# AIM OF THE EXERCISE
The response must contain every line below in which "drawing" appears.

····················

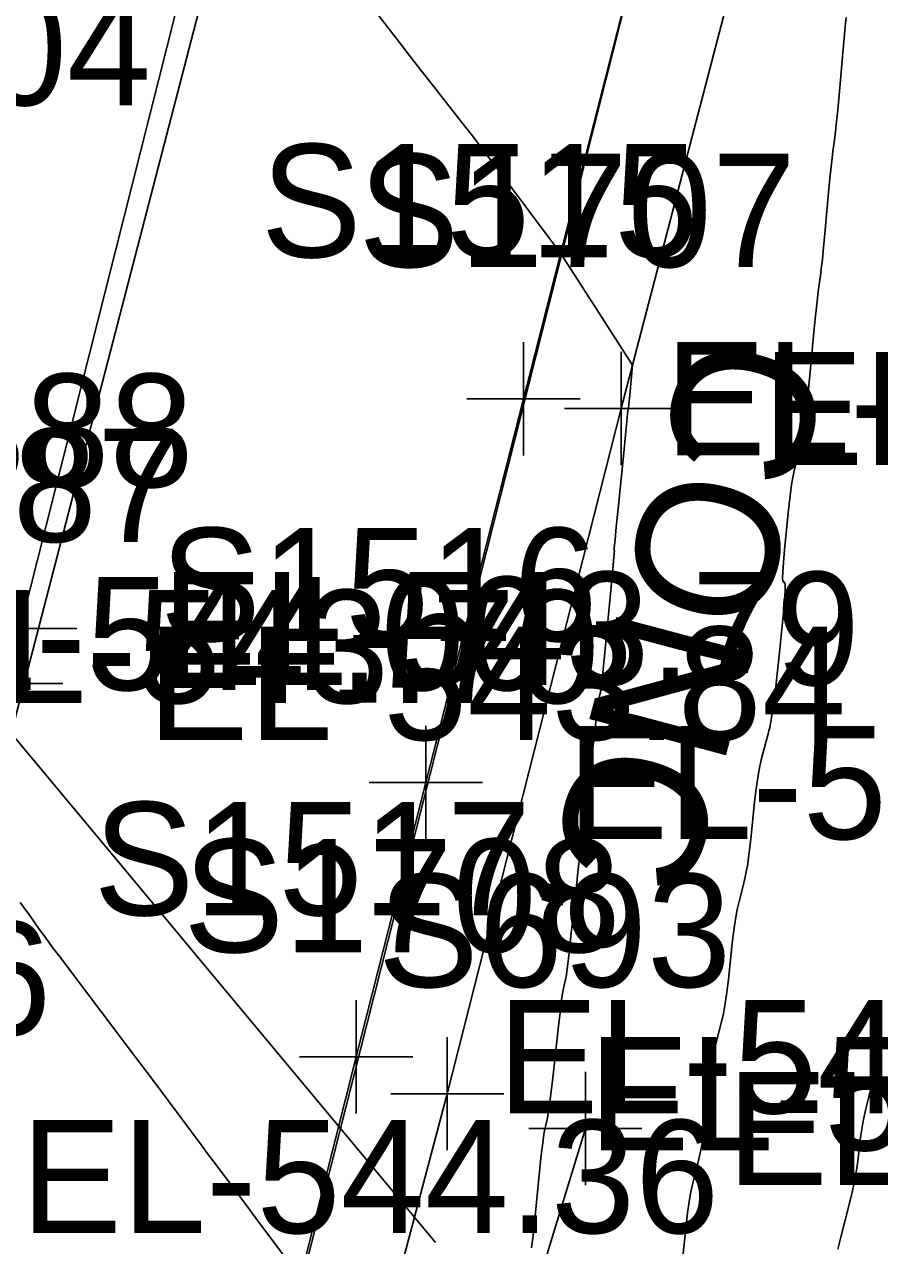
# Model space of a CAD drawing. Extents: x 1724534 to 1727318, y 657156 to 660047.
# Drawn here: x 1725509.87 to 1725540.1, y 659205.16 to 659248.32 of the extents above; entities that cross this region are included whole.
import ezdxf

# ---------------------------------------------------------------- set-up
doc = ezdxf.new("R2010")
doc.units = 0
for name, color, linetype in [('SURVEY - CENTERLINE - Preliminary', 7, 'Continuous'), ('SURVEY - CONTOURS - Intermediate with optional Text', 7, 'Continuous'), ('SURVEY - DRAINAGE - Area Shapes', 7, 'Continuous'), ('SURVEY - DTM - Breaklines - Points - Elevations', 7, 'Continuous'), ('SURVEY - ROADSIDE BARRIERS - Points - Elevations', 7, 'Continuous'), ('SURVEY - ROADSIDE BARRIERS - Points - Locators', 7, 'Continuous'), ('SURVEY - ROADSIDE BARRIERS - Points - Numbers', 7, 'Continuous'), ('SURVEY - ROADSIDE BARRIERS with Text', 7, 'Continuous'), ('SURVEY - TRANSPORTATION - Features', 7, 'Continuous'), ('SURVEY - TRANSPORTATION - Features - Points - Elevations', 7, 'Continuous'), ('SURVEY - TRANSPORTATION - Features - Points - Locators', 7, 'Continuous'), ('SURVEY - TRANSPORTATION - Features - Points - Numbers', 7, 'Continuous'), ('SURVEY - TRANSPORTATION - Features Text', 7, 'Continuous'), ('SURVEY - TRANSPORTATION - Roads', 7, 'Continuous'), ('SURVEY - TRANSPORTATION - Roads - Points - Elevations', 7, 'Continuous'), ('SURVEY - TRANSPORTATION - Roads - Points - Locators', 7, 'Continuous'), ('SURVEY - TRANSPORTATION - Roads - Points - Numbers', 7, 'Continuous'), ('SURVEY - UTILITIES - Fiber Optic Cable (Underground) with Text', 7, 'Continuous'), ('SURVEY - UTILITIES - Poles and Miscellaneous - Points - Elevations', 7, 'Continuous')]:
    doc.layers.add(name, color=color, linetype=linetype)

msp = doc.modelspace()

# ---------------------------------------------------------------- linework, layer by layer
at = {"layer": 'SURVEY - CENTERLINE - Preliminary'}
msp.add_line((1725628.749, 659634.745), (1725510.016, 659165.778), dxfattribs=at)
msp.add_line((1725628.749, 659634.745), (1725510.016, 659165.778), dxfattribs=at)
msp.add_line((1725628.749, 659634.745), (1725510.016, 659165.778), dxfattribs=at)
at = {"layer": 'SURVEY - CONTOURS - Intermediate with optional Text'}
for points in [[(1725521.856, 659249.343), (1725522.845, 659248.05), (1725523.207, 659247.577), (1725523.553, 659247.129), (1725523.882, 659246.705), (1725524.195, 659246.307), (1725525.006, 659245.277), (1725525.332, 659244.858), (1725525.702, 659244.377), (1725526.117, 659243.831), (1725526.577, 659243.222), (1725528.823, 659240.232), (1725529.312, 659239.467), (1725529.438, 659239.27), (1725529.607, 659239.006), (1725529.819, 659238.677), (1725530.074, 659238.281), (1725531.362, 659236.28), (1725531.264, 659235.22), (1725531.246, 659235.021), (1725531.232, 659234.875), (1725531.224, 659234.785), (1725531.22, 659234.749), (1725531.217, 659234.725), (1725531.215, 659234.717), (1725531.215, 659234.711), (1725531.214, 659234.707), (1725531.214, 659234.705), (1725531.213, 659234.701), (1725531.213, 659234.698), (1725531.211, 659234.689), (1725531.209, 659234.683), (1725531.203, 659234.663), (1725531.192, 659234.564), (1725531.164, 659234.283), (1725531.117, 659233.819), (1725531.052, 659233.174), (1725530.856, 659231.208), (1725530.792, 659230.563), (1725530.747, 659230.1), (1725530.721, 659229.821), (1725530.715, 659229.726), (1725530.724, 659229.715), (1725530.718, 659229.625), (1725530.696, 659229.363), (1725530.655, 659228.93), (1725530.598, 659228.325), (1725530.42, 659226.484), (1725530.361, 659225.873), (1725530.317, 659225.42), (1725530.287, 659225.124), (1725530.271, 659224.988), (1725530.249, 659224.833), (1725530.242, 659224.782), (1725530.237, 659224.746), (1725530.234, 659224.723), (1725530.232, 659224.714), (1725530.231, 659224.709), (1725530.223, 659224.679), (1725530.213, 659224.643), (1725530.201, 659224.594), (1725530.162, 659224.446), (1725530.14, 659224.311), (1725530.104, 659224.017), (1725530.054, 659223.564), (1725529.99, 659222.952), (1725529.8, 659221.108), (1725529.735, 659220.494), (1725529.684, 659220.034), (1725529.644, 659219.727), (1725529.618, 659219.574), (1725529.565, 659219.371), (1725529.539, 659219.221), (1725529.5, 659218.922), (1725529.447, 659218.475), (1725529.382, 659217.88), (1725529.189, 659216.094), (1725529.123, 659215.496), (1725529.069, 659215.042), (1725529.027, 659214.732), (1725528.996, 659214.565), (1725528.931, 659214.313), (1725528.901, 659214.149), (1725528.858, 659213.846), (1725528.803, 659213.405), (1725528.737, 659212.826), (1725528.543, 659211.095), (1725528.476, 659210.513), (1725528.42, 659210.066), (1725528.375, 659209.753), (1725528.341, 659209.574), (1725528.264, 659209.276), (1725528.231, 659209.099), (1725528.189, 659208.791), (1725528.139, 659208.354), (1725528.079, 659207.785), (1725527.909, 659206.096), (1725527.849, 659205.525), (1725527.796, 659205.08)], [(1725538.919, 659248.559), (1725538.886, 659248.248), (1725538.846, 659247.835), (1725538.8, 659247.321), (1725538.667, 659245.817), (1725538.62, 659245.3), (1725538.579, 659244.879), (1725538.544, 659244.552), (1725538.515, 659244.321), (1725538.445, 659243.832), (1725538.417, 659243.603), (1725538.382, 659243.285), (1725538.341, 659242.877), (1725538.295, 659242.38), (1725538.164, 659240.934), (1725538.118, 659240.434), (1725538.076, 659240.018), (1725538.039, 659239.686), (1725538.008, 659239.439), (1725537.93, 659238.892), (1725537.899, 659238.647), (1725537.863, 659238.323), (1725537.821, 659237.92), (1725537.776, 659237.438), (1725537.647, 659236.045), (1725537.6, 659235.56), (1725537.558, 659235.15), (1725537.52, 659234.813), (1725537.486, 659234.551), (1725537.401, 659233.952), (1725537.374, 659233.755), (1725537.342, 659233.529), (1725537.338, 659233.5), (1725537.337, 659233.497), (1725537.331, 659233.473), (1725537.311, 659233.4), (1725537.278, 659233.281), (1725537.232, 659233.114), (1725537.092, 659232.605), (1725537.04, 659232.372), (1725536.987, 659232.055), (1725536.935, 659231.655), (1725536.882, 659231.17), (1725536.742, 659229.766), (1725536.699, 659229.302), (1725536.674, 659228.962), (1725536.669, 659228.746), (1725536.683, 659228.654), (1725536.744, 659228.576), (1725536.759, 659228.489), (1725536.756, 659228.287), (1725536.735, 659227.971), (1725536.697, 659227.541), (1725536.571, 659226.239), (1725536.526, 659225.78), (1725536.483, 659225.378), (1725536.442, 659225.033), (1725536.404, 659224.746), (1725536.251, 659223.665), (1725536.236, 659223.563), (1725536.23, 659223.524), (1725536.224, 659223.502), (1725536.214, 659223.464), (1725536.188, 659223.365), (1725536.146, 659223.207), (1725536.089, 659222.988), (1725535.914, 659222.325), (1725535.851, 659222.045), (1725535.791, 659221.705), (1725535.735, 659221.304), (1725535.682, 659220.843), (1725535.547, 659219.53), (1725535.494, 659219.067), (1725535.437, 659218.661), (1725535.375, 659218.314), (1725535.31, 659218.024), (1725535.129, 659217.329), (1725535.063, 659217.042), (1725535.001, 659216.699), (1725534.943, 659216.301), (1725534.889, 659215.849), (1725534.752, 659214.569), (1725534.698, 659214.116), (1725534.639, 659213.714), (1725534.576, 659213.364), (1725534.508, 659213.067), (1725534.321, 659212.344), (1725534.253, 659212.048), (1725534.19, 659211.703), (1725534.131, 659211.309), (1725534.076, 659210.866), (1725533.936, 659209.619), (1725533.882, 659209.174), (1725533.822, 659208.777), (1725533.757, 659208.425), (1725533.687, 659208.121), (1725533.495, 659207.371), (1725533.426, 659207.068), (1725533.364, 659206.72), (1725533.308, 659206.327), (1725533.258, 659205.89), (1725533.135, 659204.666)], [(1725509.721, 659217.286), (1725509.91, 659217.033), (1725510.057, 659216.829), (1725510.394, 659216.351), (1725510.505, 659216.194), (1725510.631, 659216.015), (1725510.647, 659215.992), (1725510.702, 659215.92), (1725510.865, 659215.704), (1725511.137, 659215.344), (1725511.518, 659214.84), (1725513.109, 659212.732), (1725513.532, 659212.17), (1725513.947, 659211.618), (1725514.354, 659211.075), (1725515.427, 659209.639), (1725516.113, 659208.722), (1725516.366, 659208.385), (1725516.56, 659208.127), (1725516.997, 659207.547), (1725517.183, 659207.298), (1725517.415, 659206.989), (1725517.692, 659206.618), (1725518.015, 659206.185), (1725519.625, 659204.024)], [(1725540.125, 659211.997), (1725540.02, 659211.569), (1725539.711, 659210.374), (1725539.606, 659209.947), (1725539.521, 659209.559), (1725539.458, 659209.212), (1725539.415, 659208.906), (1725539.33, 659208.142), (1725539.287, 659207.835), (1725539.224, 659207.487), (1725539.14, 659207.098), (1725539.034, 659206.668), (1725538.726, 659205.466), (1725538.621, 659205.036)]]:
    msp.add_lwpolyline(points, dxfattribs=at)
at = {"layer": 'SURVEY - DRAINAGE - Area Shapes'}
msp.add_lwpolyline([(1725457.865, 659006.777), (1725413.857, 659016.262), (1725297.605, 659050.843), (1725314.042, 659296.608), (1725386.76, 659493.901), (1725483.401, 659755.229), (1725623.949, 659732.704), (1725676.22, 659724.326), (1725634.82, 659466.017), (1725543.324, 659353.721), (1725499.683, 659185.923), (1725479.088, 659106.738)], close=True, dxfattribs=at)
at = {"layer": 'SURVEY - ROADSIDE BARRIERS - Points - Locators'}
for p, q in [((1725529.697, 659211.302), (1725529.697, 659207.302)), ((1725531.697, 659209.302), (1725527.697, 659209.302))]:
    msp.add_line(p, q, dxfattribs=at)
at = {"layer": 'SURVEY - ROADSIDE BARRIERS with Text'}
msp.add_lwpolyline([(1725454.307, 658763.664), (1725456.988, 658788.398), (1725459.975, 658813.106), (1725462.961, 658837.817), (1725466.031, 658862.66), (1725469.198, 658887.437), (1725472.364, 658912.252), (1725475.489, 658936.998), (1725478.578, 658961.799), (1725481.795, 658986.471), (1725485.277, 659011.185), (1725489.239, 659035.685), (1725493.561, 659060.194), (1725498.271, 659084.816), (1725503.177, 659108.92), (1725508.576, 659133.257), (1725514.221, 659157.599), (1725521.221, 659181.564), (1725529.697, 659209.302)], dxfattribs=at)
at = {"layer": 'SURVEY - TRANSPORTATION - Features'}
msp.add_lwpolyline([(1725537.281, 659258.937), (1725530.962, 659234.747), (1725524.817, 659210.531), (1725517.386, 659182.521), (1725511.279, 659158.31), (1725505.645, 659133.966), (1725500.348, 659109.577), (1725495.279, 659085.33), (1725490.855, 659060.693), (1725486.478, 659036.153), (1725482.443, 659011.591), (1725478.797, 658986.889), (1725475.825, 658962.14), (1725472.769, 658937.341)], dxfattribs=at)
at = {"layer": 'SURVEY - TRANSPORTATION - Features - Points - Locators'}
for p, q in [((1725530.962, 659236.747), (1725530.962, 659232.747)), ((1725532.962, 659234.747), (1725528.962, 659234.747)), ((1725524.817, 659212.531), (1725524.817, 659208.531)), ((1725526.817, 659210.531), (1725522.817, 659210.531))]:
    msp.add_line(p, q, dxfattribs=at)
at = {"layer": 'SURVEY - TRANSPORTATION - Roads'}
for points in [[(1725533.446, 659258.339), (1725527.51, 659235.091), (1725524.059, 659221.528), (1725521.595, 659211.838), (1725515.243, 659186.636), (1725511.368, 659171.118), (1725509.433, 659163.358), (1725501.913, 659132.272)], [(1725509.717, 659226.971), (1725517.054, 659256.051)]]:
    msp.add_lwpolyline(points, dxfattribs=at)
at = {"layer": 'SURVEY - TRANSPORTATION - Roads - Points - Locators'}
for p, q in [((1725527.51, 659237.091), (1725527.51, 659233.091)), ((1725529.51, 659235.091), (1725525.51, 659235.091)), ((1725511.717, 659226.971), (1725507.717, 659226.971)), ((1725511.226, 659225.033), (1725507.226, 659225.033)), ((1725524.059, 659223.528), (1725524.059, 659219.528)), ((1725526.059, 659221.528), (1725522.059, 659221.528)), ((1725521.595, 659213.838), (1725521.595, 659209.838)), ((1725523.595, 659211.838), (1725519.595, 659211.838))]:
    msp.add_line(p, q, dxfattribs=at)
at = {"layer": 'SURVEY - UTILITIES - Fiber Optic Cable (Underground) with Text'}
msp.add_lwpolyline([(1725493.494, 659243.256), (1725498.207, 659236.692), (1725524.4, 659205.275)], dxfattribs=at)

# ---------------------------------------------------------------- texts
at = {"layer": 'SURVEY - DTM - Breaklines - Points - Elevations'}
msp.add_text('EL-544.00', height=4, dxfattribs=at).set_placement((1725503.725, 659224.793))
at = {"layer": 'SURVEY - ROADSIDE BARRIERS - Points - Elevations'}
msp.add_text('EL-546.20', height=4, dxfattribs=at).set_placement((1725534.697, 659207.302))
at = {"layer": 'SURVEY - ROADSIDE BARRIERS - Points - Numbers'}
msp.add_text('S693', height=4, dxfattribs=at).set_placement((1725522.361, 659214.302))
at = {"layer": 'SURVEY - TRANSPORTATION - Features - Points - Elevations'}
for s, p in [('EL-543.04', (1725535.962, 659232.747)), ('EL-543.70', (1725505.512, 659224.334)), ('EL-543.66', (1725529.817, 659208.531))]:
    msp.add_text(s, height=4, dxfattribs=at).set_placement(p)
at = {"layer": 'SURVEY - TRANSPORTATION - Features - Points - Numbers'}
for s, p in [('S1707', (1725521.674, 659239.747)), ('S1708', (1725515.482, 659215.531))]:
    msp.add_text(s, height=4, dxfattribs=at).set_placement(p)
at = {"layer": 'SURVEY - TRANSPORTATION - Features Text'}
msp.add_text('CONC.', height=5, rotation=255.1418, dxfattribs=at).set_placement((1725533.507, 659237.607))
at = {"layer": 'SURVEY - TRANSPORTATION - Roads - Points - Elevations'}
for s, p in [('EL-543.14', (1725532.51, 659233.091)), ('EL-543.79', (1725514.717, 659224.971)), ('EL-543.84', (1725514.226, 659223.033)), ('EL-543.50', (1725529.059, 659219.528)), ('EL-543.77', (1725526.595, 659209.838)), ('EL-544.36', (1725509.745, 659205.606))]:
    msp.add_text(s, height=4, dxfattribs=at).set_placement(p)
at = {"layer": 'SURVEY - TRANSPORTATION - Roads - Points - Numbers'}
for s, p in [('S1515', (1725518.222, 659240.091)), ('S1388', (1725500.382, 659231.971)), ('S1387', (1725499.938, 659230.033)), ('S1516', (1725514.661, 659226.528)), ('S1517', (1725512.307, 659216.838)), ('S1386', (1725495.347, 659212.606))]:
    msp.add_text(s, height=4, dxfattribs=at).set_placement(p)
at = {"layer": 'SURVEY - UTILITIES - Poles and Miscellaneous - Points - Elevations'}
msp.add_text('EL-547.04', height=4, dxfattribs=at).set_placement((1725489.663, 659245.461))

doc.saveas('drawing.dxf')

····················

# REPLY TO THE EXERCISE
# Model space of a CAD drawing. Extents: x 1724534 to 1727318, y 657156 to 660047.
doc.saveas('drawing.dxf')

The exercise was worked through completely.